**WHAT THE TASK REQUIRES:**
Starting at the line that contains "Its self-contained STEP" in the listing below, write out every line word for word until you have written the line that contains "#12=CARTESIAN_POINT('',(-9.,-0.743,1.152));".

**DATA FOR THIS EXERCISE:**
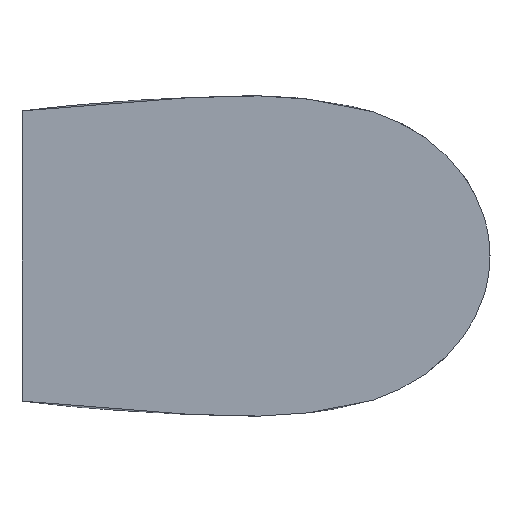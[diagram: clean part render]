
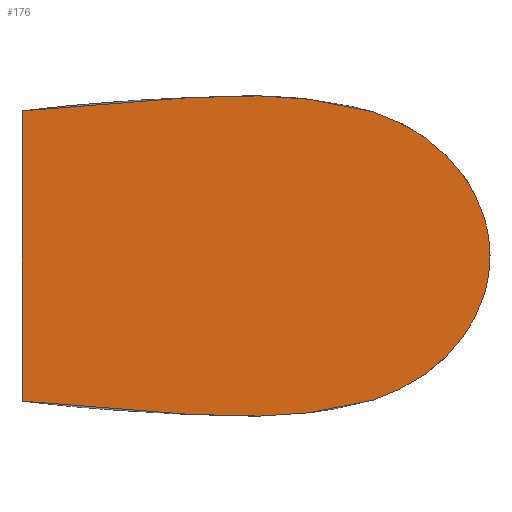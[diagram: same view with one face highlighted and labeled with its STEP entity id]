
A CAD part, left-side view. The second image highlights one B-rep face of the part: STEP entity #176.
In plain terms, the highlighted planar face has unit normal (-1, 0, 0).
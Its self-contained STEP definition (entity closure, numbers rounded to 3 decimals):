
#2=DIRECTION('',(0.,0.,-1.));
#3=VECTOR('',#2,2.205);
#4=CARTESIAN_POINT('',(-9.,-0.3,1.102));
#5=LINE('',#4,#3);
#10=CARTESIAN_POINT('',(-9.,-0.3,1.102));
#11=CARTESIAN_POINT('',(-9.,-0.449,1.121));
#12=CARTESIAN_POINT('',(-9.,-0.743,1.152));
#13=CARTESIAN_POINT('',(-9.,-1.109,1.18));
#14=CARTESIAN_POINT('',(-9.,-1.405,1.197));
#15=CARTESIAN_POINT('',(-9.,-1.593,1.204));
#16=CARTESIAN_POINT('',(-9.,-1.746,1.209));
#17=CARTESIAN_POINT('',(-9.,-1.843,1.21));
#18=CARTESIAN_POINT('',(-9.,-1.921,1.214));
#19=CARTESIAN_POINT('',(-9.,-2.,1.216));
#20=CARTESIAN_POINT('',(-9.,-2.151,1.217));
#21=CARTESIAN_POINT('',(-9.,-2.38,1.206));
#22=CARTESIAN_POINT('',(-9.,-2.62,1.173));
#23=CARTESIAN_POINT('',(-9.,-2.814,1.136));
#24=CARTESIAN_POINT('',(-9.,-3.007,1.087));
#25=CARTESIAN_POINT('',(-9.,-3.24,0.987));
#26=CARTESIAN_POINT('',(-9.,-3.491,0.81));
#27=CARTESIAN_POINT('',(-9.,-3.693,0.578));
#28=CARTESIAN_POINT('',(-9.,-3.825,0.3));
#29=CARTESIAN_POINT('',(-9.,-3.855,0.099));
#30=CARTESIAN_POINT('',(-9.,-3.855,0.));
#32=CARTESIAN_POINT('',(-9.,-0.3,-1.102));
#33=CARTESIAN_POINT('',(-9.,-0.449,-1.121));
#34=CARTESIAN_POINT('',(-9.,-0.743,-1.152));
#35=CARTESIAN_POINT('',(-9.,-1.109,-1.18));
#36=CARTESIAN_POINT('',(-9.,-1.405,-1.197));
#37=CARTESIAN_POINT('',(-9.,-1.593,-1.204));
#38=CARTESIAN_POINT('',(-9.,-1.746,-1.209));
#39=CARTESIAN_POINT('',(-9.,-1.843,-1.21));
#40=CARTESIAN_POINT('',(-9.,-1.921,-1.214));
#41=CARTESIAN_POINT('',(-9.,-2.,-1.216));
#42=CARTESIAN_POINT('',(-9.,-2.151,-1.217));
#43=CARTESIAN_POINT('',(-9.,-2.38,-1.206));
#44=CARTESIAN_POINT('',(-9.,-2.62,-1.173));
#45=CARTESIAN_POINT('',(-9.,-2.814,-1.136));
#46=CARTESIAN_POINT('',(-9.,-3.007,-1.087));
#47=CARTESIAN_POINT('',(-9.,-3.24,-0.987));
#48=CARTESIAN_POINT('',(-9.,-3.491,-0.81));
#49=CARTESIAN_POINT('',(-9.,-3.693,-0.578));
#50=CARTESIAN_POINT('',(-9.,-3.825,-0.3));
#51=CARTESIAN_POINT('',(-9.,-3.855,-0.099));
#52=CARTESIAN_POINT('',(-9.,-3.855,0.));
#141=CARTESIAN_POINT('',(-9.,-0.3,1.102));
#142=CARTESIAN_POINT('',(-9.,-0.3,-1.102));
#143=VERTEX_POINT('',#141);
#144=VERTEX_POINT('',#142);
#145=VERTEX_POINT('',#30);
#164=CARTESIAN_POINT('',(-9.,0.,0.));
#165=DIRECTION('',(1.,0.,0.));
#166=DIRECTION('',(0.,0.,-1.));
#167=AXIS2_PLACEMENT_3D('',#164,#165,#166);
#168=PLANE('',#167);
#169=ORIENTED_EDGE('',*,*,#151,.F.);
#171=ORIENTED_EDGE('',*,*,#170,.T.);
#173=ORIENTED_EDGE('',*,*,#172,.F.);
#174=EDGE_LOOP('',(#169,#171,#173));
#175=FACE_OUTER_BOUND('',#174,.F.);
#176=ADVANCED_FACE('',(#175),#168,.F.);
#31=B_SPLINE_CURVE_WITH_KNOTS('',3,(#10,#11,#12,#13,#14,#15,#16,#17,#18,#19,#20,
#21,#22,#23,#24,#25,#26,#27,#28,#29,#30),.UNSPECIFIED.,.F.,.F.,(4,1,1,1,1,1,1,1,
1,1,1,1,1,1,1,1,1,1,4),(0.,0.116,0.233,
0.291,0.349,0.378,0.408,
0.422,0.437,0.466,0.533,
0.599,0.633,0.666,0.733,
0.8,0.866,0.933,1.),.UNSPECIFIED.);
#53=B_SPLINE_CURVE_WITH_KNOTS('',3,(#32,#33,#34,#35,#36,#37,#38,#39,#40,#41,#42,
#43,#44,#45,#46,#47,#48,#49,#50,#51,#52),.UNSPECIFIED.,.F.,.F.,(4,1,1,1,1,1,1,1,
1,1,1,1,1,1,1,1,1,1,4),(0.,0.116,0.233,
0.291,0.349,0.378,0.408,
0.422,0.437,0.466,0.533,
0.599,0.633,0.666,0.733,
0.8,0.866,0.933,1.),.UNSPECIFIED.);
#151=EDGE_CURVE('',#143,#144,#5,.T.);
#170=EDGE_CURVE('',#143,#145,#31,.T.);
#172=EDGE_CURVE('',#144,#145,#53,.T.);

**YOUR RESPONSE:**
Its self-contained STEP definition (entity closure, numbers rounded to 3 decimals):
#2=DIRECTION('',(0.,0.,-1.));
#3=VECTOR('',#2,2.205);
#4=CARTESIAN_POINT('',(-9.,-0.3,1.102));
#5=LINE('',#4,#3);
#10=CARTESIAN_POINT('',(-9.,-0.3,1.102));
#11=CARTESIAN_POINT('',(-9.,-0.449,1.121));
#12=CARTESIAN_POINT('',(-9.,-0.743,1.152));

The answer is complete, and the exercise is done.